Records provided:

=== Begin Enclosure ===

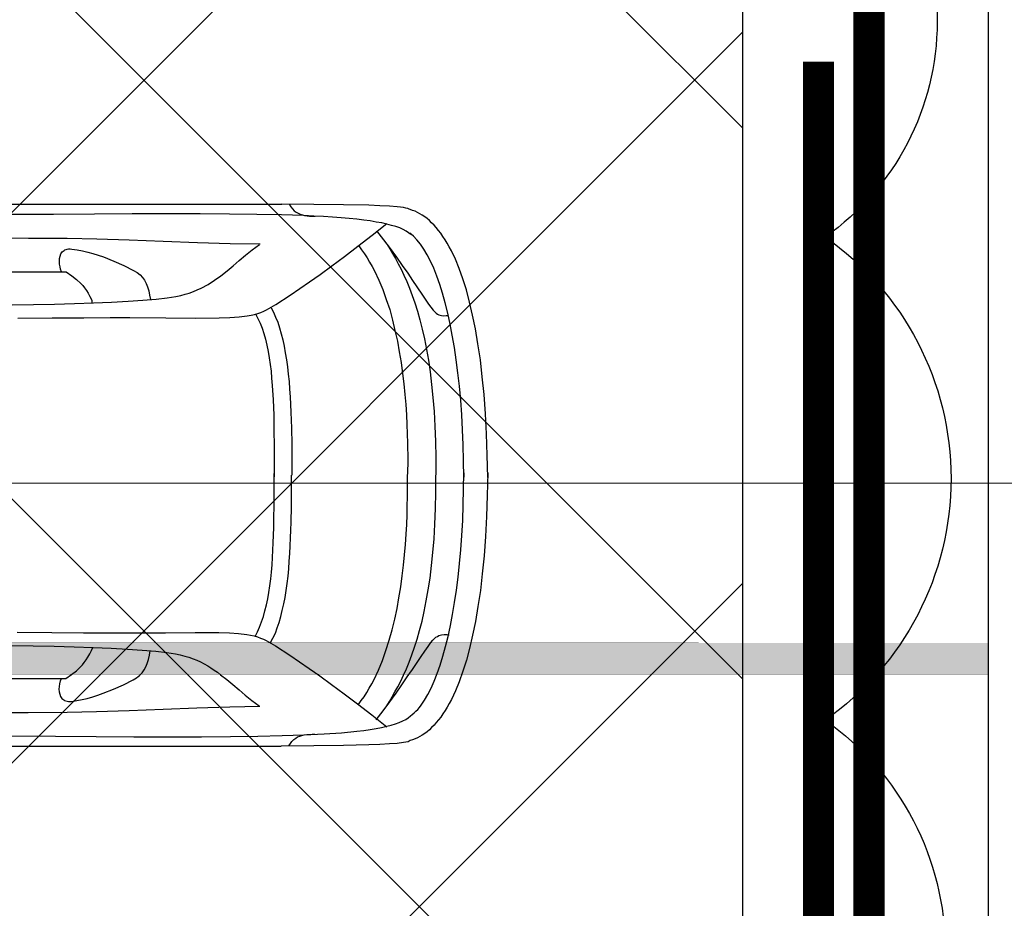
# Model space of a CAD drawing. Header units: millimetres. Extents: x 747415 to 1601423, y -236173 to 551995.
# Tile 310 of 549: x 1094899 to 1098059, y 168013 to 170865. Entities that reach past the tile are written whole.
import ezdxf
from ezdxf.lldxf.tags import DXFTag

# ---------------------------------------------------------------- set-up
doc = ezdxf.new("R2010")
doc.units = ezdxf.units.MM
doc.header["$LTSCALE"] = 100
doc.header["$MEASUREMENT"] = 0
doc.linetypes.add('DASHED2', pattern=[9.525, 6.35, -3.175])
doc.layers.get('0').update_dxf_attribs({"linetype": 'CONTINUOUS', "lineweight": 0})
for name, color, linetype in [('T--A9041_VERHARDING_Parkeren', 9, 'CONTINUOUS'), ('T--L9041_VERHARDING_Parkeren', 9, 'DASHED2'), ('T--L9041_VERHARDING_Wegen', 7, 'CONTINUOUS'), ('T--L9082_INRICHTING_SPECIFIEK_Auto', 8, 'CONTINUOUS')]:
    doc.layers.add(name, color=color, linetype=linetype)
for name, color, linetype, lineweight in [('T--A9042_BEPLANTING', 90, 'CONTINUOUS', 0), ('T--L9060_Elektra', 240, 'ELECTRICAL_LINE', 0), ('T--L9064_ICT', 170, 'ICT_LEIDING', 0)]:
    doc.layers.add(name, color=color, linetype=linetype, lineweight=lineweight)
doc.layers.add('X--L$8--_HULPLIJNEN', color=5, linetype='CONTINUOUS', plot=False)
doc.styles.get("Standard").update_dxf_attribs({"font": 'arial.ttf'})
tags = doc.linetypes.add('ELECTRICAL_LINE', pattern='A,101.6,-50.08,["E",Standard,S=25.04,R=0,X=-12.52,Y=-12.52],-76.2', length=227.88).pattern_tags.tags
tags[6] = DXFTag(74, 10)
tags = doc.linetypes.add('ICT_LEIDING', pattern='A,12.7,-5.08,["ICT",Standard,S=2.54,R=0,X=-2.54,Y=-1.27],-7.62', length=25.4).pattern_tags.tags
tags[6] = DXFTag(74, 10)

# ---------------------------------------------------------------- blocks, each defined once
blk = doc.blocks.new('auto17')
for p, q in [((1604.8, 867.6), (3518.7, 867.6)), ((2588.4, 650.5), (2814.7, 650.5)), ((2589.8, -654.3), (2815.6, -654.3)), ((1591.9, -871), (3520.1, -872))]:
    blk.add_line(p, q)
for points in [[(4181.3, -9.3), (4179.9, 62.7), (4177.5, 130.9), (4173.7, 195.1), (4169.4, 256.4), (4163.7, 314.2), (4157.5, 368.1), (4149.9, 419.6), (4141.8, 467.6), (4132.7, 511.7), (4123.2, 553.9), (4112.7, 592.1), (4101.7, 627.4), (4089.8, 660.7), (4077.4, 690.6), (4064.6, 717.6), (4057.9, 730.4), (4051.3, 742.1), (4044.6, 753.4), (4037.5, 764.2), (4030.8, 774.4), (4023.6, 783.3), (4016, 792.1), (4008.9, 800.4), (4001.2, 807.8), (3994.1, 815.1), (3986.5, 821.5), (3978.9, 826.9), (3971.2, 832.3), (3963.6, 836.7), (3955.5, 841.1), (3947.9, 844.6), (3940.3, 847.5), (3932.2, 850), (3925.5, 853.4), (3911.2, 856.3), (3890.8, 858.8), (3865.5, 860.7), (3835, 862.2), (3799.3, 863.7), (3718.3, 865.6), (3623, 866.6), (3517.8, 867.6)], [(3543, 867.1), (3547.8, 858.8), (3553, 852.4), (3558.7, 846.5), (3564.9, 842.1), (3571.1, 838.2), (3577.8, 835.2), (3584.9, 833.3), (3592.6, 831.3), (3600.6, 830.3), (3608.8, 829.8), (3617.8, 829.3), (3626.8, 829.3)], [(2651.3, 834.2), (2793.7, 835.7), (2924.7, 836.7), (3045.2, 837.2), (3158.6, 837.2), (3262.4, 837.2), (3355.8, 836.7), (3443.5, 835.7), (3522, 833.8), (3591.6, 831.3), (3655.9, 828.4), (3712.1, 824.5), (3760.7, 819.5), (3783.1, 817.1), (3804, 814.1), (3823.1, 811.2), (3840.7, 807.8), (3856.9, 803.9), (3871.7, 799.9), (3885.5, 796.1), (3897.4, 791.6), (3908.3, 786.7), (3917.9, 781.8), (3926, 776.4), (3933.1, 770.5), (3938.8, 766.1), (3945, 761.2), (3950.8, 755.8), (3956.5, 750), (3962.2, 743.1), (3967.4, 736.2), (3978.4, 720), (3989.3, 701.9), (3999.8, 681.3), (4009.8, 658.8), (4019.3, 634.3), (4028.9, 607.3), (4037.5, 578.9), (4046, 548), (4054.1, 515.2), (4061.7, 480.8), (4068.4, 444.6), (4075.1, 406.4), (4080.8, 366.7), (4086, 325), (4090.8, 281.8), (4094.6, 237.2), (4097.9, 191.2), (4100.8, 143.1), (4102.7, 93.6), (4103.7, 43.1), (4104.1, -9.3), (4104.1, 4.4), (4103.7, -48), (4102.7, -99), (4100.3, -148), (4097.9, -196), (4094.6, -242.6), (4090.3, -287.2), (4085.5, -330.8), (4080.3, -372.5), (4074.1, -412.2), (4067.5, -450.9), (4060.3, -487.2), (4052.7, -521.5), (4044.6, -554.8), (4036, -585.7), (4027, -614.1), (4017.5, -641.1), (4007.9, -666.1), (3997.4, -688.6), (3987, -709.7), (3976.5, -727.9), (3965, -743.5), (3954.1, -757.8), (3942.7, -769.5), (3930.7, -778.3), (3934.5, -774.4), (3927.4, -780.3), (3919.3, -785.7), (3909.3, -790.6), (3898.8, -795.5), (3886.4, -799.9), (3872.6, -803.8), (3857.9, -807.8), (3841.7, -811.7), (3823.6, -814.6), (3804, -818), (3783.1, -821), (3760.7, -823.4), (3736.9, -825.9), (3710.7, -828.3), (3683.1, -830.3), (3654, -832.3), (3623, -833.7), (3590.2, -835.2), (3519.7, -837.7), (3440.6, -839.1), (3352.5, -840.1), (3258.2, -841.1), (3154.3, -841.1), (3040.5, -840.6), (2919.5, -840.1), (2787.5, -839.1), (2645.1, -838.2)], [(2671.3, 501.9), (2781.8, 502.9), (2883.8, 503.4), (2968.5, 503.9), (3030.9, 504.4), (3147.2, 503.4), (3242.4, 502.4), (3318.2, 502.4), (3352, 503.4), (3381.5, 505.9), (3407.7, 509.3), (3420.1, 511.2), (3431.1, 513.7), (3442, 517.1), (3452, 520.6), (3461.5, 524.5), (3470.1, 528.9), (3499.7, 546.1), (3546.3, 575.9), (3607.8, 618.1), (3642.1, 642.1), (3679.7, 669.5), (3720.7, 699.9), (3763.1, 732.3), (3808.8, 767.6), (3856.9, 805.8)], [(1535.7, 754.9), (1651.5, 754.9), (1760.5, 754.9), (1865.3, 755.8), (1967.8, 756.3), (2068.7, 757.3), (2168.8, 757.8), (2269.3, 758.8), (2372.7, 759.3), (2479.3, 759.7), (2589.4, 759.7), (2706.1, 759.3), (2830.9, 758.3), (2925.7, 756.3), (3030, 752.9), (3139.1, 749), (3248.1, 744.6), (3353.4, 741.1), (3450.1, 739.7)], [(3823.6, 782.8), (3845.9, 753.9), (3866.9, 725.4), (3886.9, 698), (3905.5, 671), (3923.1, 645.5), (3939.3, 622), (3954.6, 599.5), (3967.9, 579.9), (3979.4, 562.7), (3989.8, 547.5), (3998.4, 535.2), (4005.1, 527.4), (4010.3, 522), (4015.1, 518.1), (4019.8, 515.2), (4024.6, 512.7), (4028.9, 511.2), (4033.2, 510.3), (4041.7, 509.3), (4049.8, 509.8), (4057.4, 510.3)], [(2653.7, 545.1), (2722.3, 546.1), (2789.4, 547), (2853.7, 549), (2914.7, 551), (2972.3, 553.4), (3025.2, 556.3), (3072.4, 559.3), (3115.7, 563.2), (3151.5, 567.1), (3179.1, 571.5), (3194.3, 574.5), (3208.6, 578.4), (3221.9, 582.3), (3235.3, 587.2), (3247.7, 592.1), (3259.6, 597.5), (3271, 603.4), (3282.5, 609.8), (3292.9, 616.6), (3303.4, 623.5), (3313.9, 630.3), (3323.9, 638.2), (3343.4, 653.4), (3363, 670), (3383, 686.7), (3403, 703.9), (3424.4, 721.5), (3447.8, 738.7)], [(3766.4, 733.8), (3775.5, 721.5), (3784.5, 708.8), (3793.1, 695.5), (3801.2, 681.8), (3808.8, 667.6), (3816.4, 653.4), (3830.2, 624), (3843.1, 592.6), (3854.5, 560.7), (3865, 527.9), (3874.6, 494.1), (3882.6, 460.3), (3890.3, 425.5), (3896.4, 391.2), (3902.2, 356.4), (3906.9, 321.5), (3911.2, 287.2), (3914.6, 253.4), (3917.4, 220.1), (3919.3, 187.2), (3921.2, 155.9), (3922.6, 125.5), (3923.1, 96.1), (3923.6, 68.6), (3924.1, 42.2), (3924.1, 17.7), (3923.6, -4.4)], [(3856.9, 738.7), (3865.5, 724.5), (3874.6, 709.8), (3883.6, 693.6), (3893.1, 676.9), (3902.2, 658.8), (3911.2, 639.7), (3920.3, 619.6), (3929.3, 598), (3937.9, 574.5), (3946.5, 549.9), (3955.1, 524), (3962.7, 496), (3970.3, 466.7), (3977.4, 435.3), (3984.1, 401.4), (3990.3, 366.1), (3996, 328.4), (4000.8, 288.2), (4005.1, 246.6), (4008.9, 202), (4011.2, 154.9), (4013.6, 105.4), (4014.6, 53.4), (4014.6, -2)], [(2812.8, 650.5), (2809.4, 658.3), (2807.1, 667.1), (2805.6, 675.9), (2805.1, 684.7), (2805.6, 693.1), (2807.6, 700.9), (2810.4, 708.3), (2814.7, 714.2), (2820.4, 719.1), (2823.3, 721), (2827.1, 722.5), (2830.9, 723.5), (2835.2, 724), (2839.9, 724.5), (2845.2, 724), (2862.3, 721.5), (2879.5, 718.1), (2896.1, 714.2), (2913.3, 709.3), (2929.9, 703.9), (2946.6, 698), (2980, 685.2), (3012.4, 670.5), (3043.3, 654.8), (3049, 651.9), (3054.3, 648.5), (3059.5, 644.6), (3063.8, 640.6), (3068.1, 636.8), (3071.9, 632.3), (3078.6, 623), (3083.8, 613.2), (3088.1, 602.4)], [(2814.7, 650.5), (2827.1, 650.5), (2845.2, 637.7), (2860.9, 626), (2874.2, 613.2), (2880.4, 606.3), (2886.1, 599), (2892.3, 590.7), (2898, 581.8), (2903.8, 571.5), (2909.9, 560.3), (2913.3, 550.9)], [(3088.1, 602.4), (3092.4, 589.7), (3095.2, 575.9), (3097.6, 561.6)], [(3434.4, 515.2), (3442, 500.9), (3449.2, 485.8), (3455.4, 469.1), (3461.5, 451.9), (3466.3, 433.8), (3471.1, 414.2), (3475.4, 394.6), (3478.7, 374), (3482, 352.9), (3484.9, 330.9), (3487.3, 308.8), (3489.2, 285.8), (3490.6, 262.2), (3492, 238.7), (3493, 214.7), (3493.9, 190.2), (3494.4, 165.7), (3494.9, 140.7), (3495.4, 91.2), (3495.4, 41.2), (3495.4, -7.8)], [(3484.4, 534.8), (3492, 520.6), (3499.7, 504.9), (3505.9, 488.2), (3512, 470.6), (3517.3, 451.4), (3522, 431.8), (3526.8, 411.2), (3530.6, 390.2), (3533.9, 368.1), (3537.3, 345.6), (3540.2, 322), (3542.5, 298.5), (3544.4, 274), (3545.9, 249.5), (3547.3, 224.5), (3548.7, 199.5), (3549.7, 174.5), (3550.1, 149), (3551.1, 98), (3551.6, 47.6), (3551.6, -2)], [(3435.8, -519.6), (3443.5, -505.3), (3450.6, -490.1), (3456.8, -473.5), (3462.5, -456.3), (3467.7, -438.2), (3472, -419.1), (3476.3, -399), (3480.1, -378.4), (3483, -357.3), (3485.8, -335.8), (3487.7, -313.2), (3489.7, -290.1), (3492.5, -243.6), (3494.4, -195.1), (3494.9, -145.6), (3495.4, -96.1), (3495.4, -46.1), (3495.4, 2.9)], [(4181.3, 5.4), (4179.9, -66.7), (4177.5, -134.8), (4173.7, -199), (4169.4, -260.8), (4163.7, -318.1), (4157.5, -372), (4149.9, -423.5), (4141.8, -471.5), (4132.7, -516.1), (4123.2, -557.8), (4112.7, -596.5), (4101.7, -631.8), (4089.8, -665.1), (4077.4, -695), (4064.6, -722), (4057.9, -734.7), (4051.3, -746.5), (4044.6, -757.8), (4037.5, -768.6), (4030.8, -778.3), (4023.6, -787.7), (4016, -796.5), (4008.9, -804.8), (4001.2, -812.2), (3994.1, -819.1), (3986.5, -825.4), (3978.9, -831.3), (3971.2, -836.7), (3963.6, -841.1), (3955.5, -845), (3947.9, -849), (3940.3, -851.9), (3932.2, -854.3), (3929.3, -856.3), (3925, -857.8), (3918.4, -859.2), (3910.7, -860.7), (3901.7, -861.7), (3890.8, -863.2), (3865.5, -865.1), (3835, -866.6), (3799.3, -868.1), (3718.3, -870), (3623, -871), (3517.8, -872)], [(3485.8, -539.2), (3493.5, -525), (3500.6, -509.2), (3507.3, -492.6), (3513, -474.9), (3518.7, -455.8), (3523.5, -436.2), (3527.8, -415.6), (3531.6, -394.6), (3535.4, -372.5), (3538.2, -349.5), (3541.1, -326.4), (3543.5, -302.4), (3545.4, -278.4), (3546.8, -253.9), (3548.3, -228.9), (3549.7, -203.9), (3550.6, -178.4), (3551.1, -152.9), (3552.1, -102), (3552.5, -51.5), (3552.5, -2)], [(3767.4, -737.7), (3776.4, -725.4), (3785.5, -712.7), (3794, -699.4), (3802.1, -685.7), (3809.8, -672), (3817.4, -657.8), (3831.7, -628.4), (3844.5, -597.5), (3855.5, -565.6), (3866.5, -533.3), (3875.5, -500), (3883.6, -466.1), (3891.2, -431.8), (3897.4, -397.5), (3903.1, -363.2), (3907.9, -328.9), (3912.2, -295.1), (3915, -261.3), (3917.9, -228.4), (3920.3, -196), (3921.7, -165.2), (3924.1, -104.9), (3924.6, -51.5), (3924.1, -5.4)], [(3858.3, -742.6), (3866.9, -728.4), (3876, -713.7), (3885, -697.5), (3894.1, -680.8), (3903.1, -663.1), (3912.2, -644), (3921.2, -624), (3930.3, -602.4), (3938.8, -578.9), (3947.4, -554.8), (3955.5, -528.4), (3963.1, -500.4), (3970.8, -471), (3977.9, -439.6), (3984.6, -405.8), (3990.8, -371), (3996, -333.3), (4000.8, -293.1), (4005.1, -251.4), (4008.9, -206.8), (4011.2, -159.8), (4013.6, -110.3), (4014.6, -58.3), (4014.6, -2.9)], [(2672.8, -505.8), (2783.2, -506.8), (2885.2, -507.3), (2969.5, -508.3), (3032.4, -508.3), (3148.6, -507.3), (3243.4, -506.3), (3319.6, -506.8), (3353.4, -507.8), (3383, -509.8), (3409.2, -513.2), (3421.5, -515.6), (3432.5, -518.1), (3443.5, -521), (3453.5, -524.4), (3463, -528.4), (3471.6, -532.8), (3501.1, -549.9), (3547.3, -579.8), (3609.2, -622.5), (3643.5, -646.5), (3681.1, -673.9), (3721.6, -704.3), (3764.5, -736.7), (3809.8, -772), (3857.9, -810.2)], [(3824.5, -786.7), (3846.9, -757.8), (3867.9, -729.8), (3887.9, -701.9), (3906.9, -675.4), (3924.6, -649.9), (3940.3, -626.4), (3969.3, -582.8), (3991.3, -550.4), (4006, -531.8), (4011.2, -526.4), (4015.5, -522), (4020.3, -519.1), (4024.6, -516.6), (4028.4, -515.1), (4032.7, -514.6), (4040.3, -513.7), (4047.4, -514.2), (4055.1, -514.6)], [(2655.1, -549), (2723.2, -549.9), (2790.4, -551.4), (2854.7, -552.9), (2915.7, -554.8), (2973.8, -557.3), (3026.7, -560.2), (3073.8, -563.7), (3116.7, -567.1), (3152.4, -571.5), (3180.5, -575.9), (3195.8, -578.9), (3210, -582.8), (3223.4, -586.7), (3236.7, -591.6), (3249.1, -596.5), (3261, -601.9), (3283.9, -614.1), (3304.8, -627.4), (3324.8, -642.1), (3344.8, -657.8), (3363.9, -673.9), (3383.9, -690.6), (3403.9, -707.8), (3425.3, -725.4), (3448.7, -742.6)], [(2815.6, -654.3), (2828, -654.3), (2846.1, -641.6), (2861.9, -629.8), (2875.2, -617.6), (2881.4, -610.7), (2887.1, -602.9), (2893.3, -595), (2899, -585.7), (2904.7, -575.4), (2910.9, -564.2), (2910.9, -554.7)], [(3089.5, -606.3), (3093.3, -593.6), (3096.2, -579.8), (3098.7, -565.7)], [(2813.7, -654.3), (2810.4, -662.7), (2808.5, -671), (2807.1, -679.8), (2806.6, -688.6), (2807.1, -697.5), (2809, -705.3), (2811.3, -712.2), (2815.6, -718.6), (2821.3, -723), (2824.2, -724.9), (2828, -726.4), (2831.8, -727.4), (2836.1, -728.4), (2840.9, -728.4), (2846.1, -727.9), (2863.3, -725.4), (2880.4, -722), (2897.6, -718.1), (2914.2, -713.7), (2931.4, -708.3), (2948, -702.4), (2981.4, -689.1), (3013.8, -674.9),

=== End Enclosure ===

Exercise prompt: Within the material above, the line with "each defined once" opens the range and the line with "blk.add_line(p, q)" closes it; reproduce that range word for word.

Task output:
# ---------------------------------------------------------------- blocks, each defined once
blk = doc.blocks.new('auto17')
for p, q in [((1604.8, 867.6), (3518.7, 867.6)), ((2588.4, 650.5), (2814.7, 650.5)), ((2589.8, -654.3), (2815.6, -654.3)), ((1591.9, -871), (3520.1, -872))]:
    blk.add_line(p, q)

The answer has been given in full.